> **Task brief**
Taking the entries below, transcribe only the lines starting with the one with "Catalogue drawing of" and going on through the one with "This sheet shows", exactly as written, without the pictures.

> **Records shown**
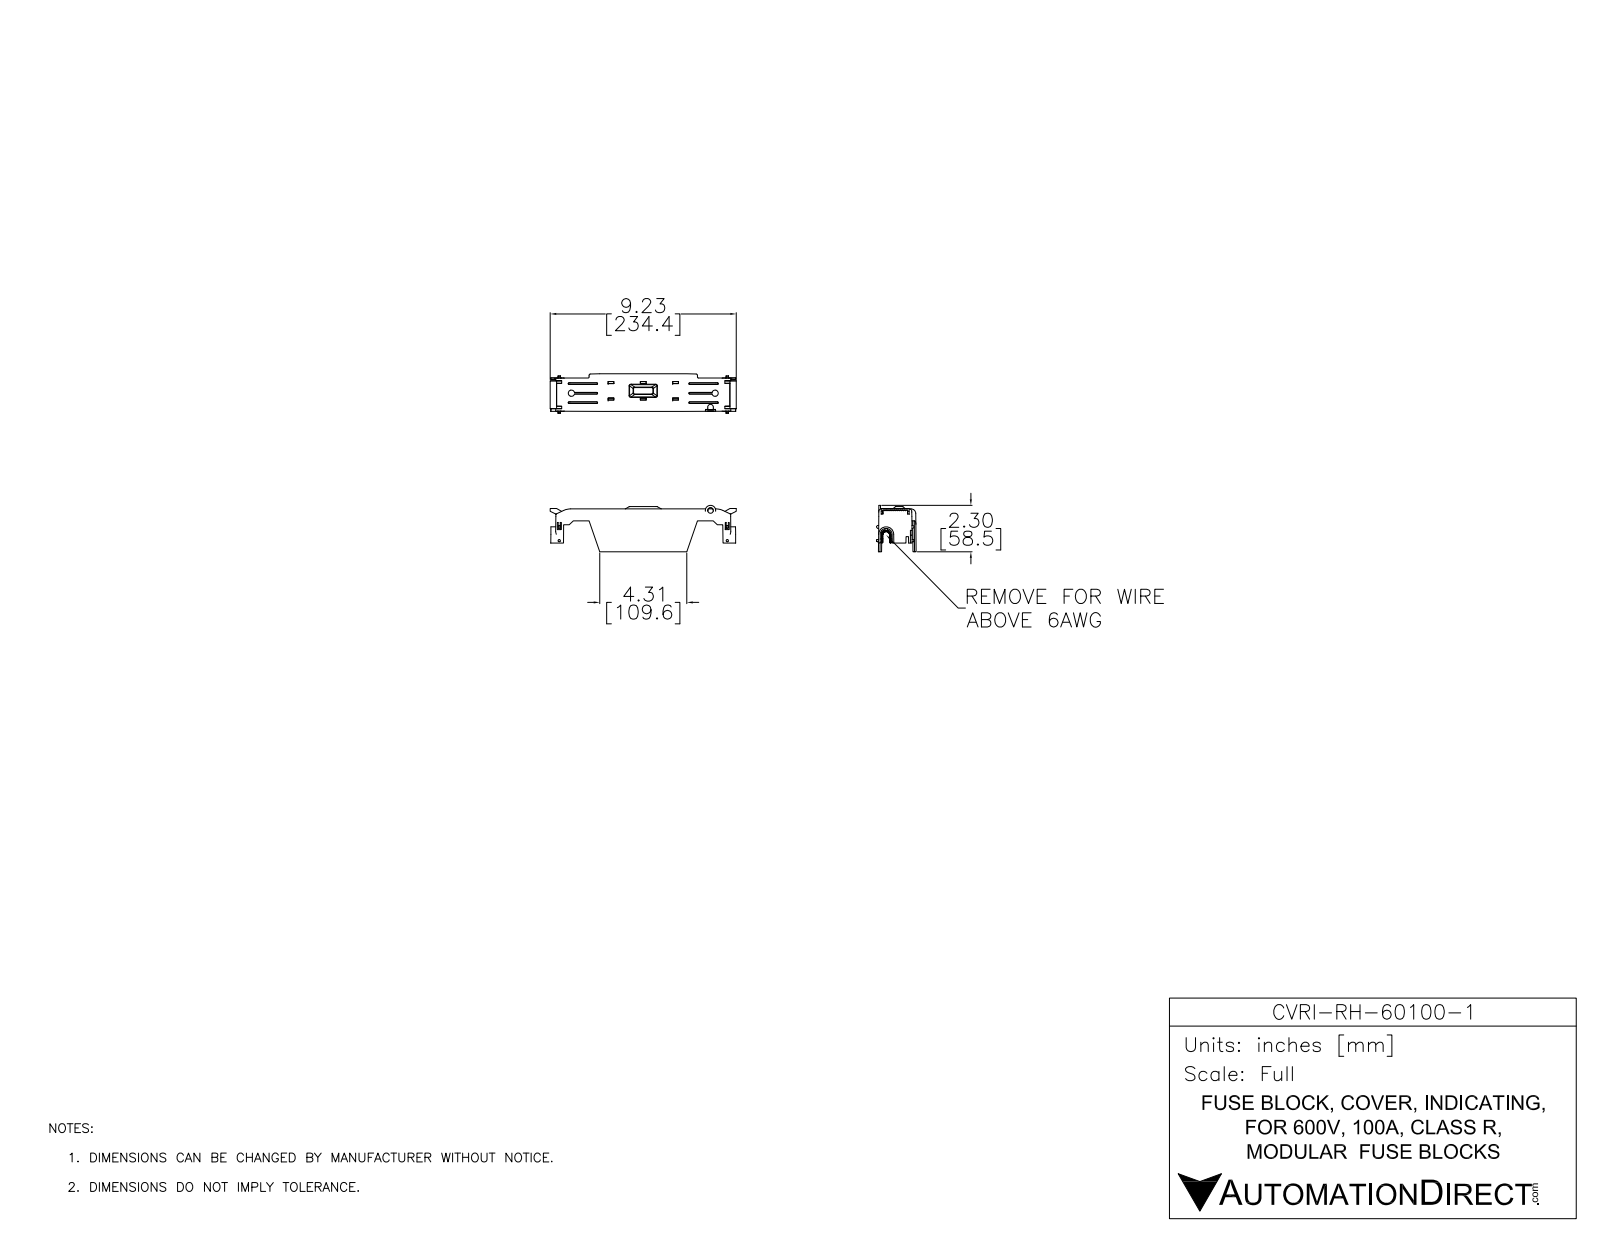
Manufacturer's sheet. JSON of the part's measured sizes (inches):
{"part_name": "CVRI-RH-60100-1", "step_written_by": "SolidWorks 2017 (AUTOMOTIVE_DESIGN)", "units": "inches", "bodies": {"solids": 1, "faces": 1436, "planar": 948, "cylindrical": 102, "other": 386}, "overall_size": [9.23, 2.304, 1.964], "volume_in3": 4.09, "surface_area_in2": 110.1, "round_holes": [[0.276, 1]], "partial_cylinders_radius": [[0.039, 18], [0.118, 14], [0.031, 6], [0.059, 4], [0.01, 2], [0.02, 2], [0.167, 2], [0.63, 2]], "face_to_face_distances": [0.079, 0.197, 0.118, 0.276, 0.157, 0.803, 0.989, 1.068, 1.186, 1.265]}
...
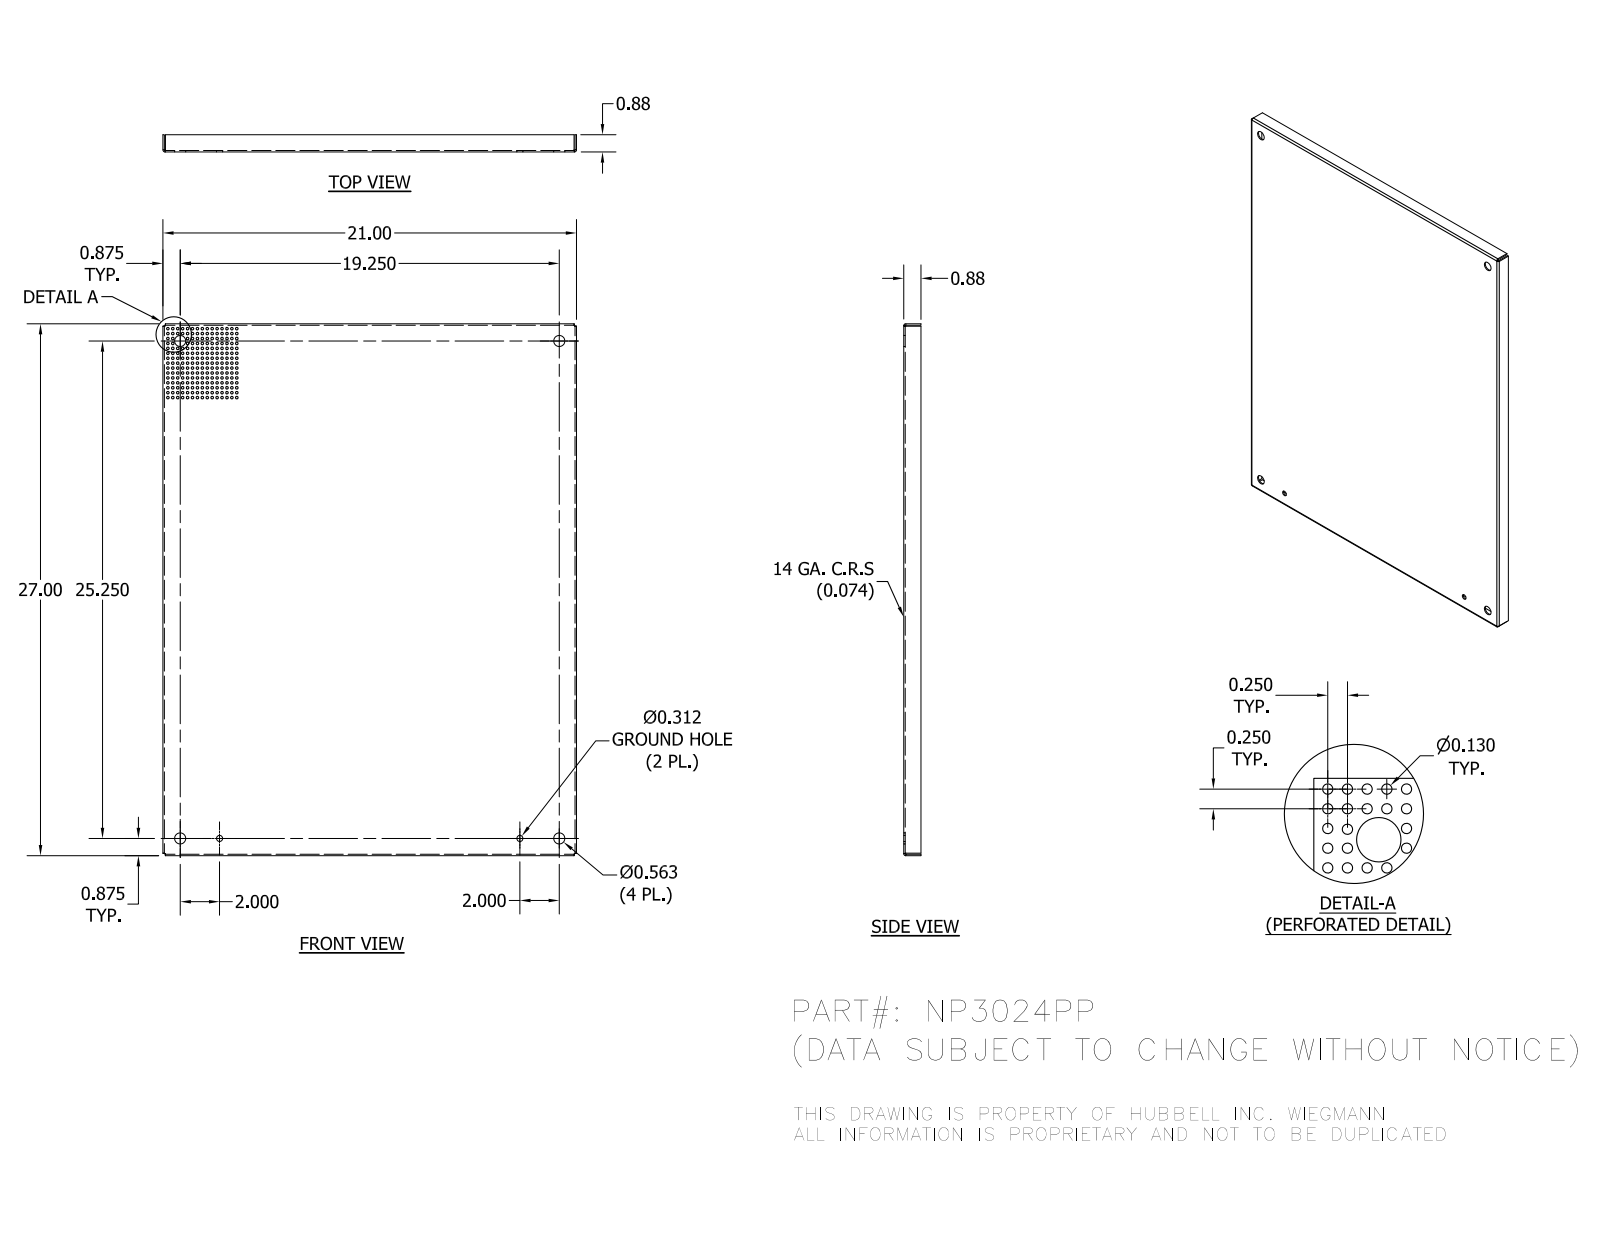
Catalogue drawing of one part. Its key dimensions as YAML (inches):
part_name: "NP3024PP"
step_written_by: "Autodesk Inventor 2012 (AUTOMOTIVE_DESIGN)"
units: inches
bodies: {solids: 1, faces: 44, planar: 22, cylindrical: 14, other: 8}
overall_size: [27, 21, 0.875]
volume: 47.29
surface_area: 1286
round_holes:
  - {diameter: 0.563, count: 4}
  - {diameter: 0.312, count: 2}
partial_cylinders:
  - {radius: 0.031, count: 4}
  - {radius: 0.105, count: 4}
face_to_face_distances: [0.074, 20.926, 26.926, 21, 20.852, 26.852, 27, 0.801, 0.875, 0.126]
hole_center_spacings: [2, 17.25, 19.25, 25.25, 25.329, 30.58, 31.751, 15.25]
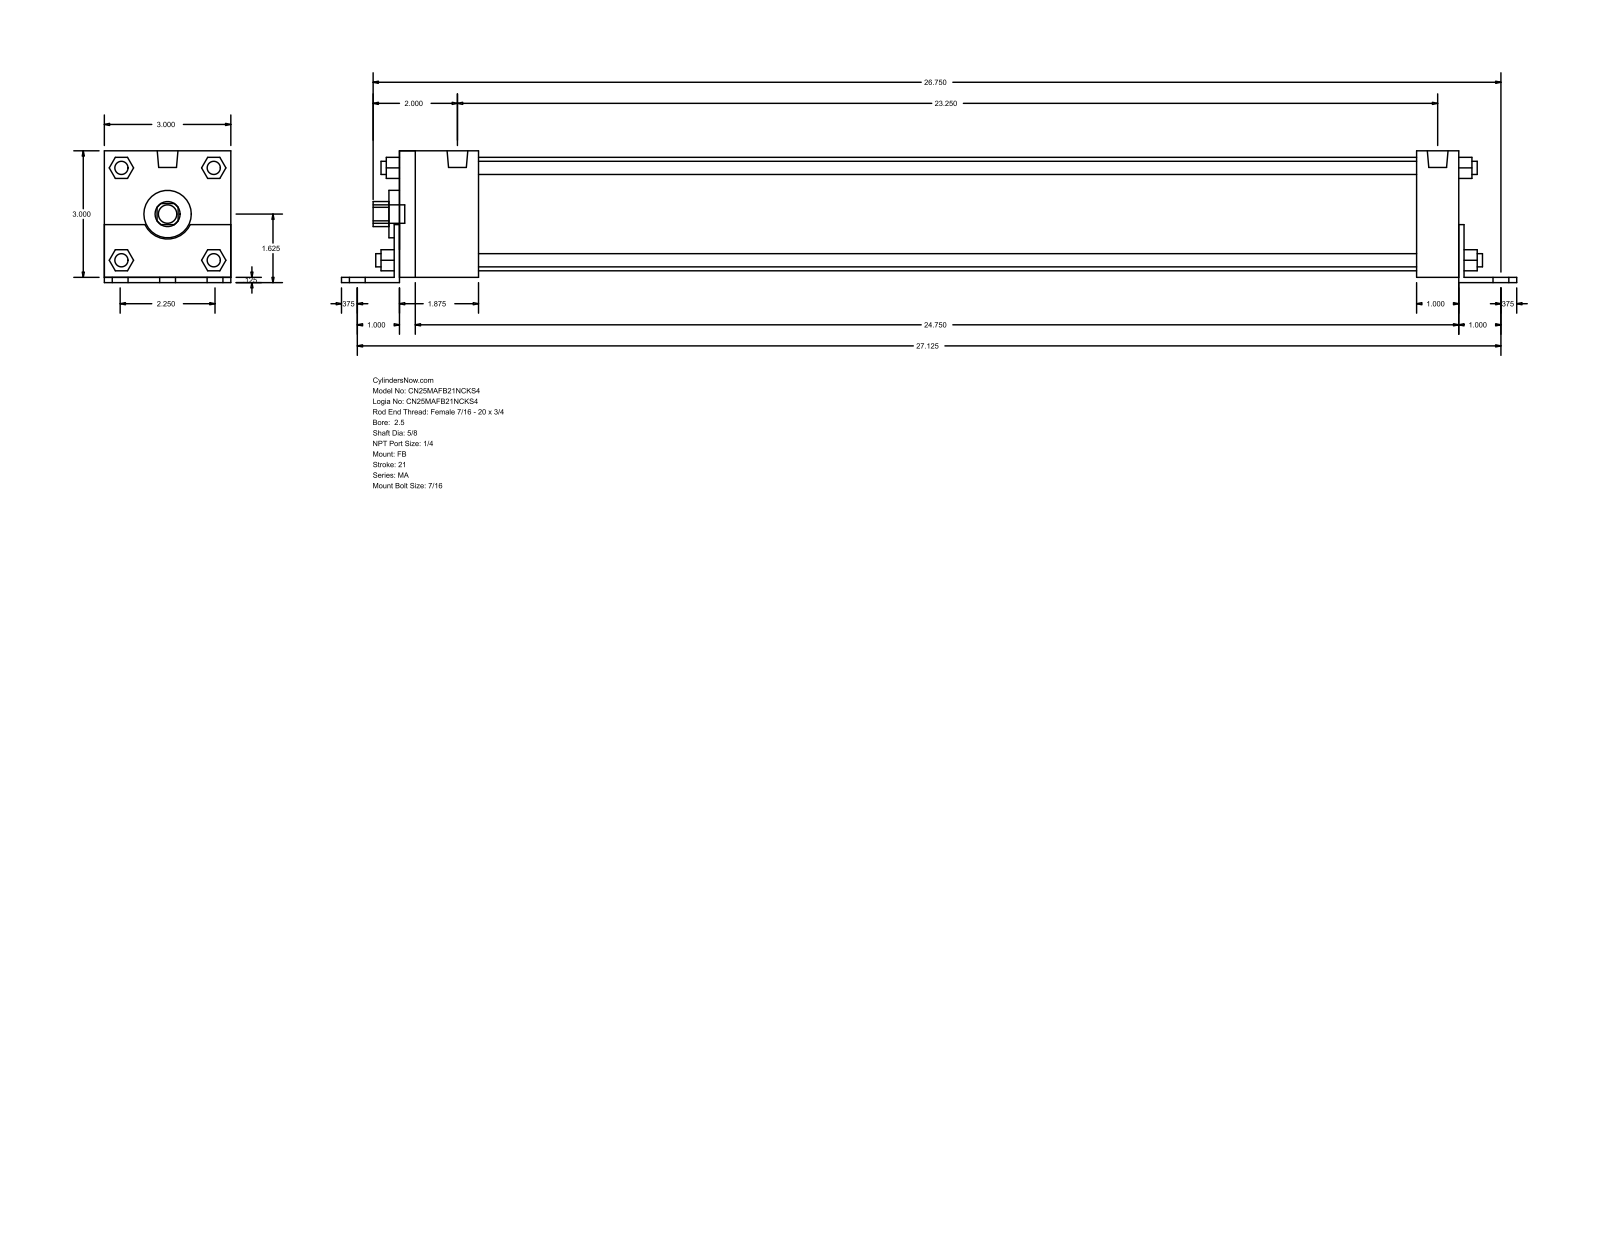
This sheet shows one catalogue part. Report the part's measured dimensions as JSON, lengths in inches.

> **Expected output**
Catalogue drawing of one part. Its key dimensions as YAML (inches):
part_name: "NP3024PP"
step_written_by: "Autodesk Inventor 2012 (AUTOMOTIVE_DESIGN)"
units: inches
bodies: {solids: 1, faces: 44, planar: 22, cylindrical: 14, other: 8}
overall_size: [27, 21, 0.875]
volume: 47.29
surface_area: 1286
round_holes:
  - {diameter: 0.563, count: 4}
  - {diameter: 0.312, count: 2}
partial_cylinders:
  - {radius: 0.031, count: 4}
  - {radius: 0.105, count: 4}
face_to_face_distances: [0.074, 20.926, 26.926, 21, 20.852, 26.852, 27, 0.801, 0.875, 0.126]
hole_center_spacings: [2, 17.25, 19.25, 25.25, 25.329, 30.58, 31.751, 15.25]
This sheet shows one catalogue part. Report the part's measured dimensions as JSON, lengths in inches.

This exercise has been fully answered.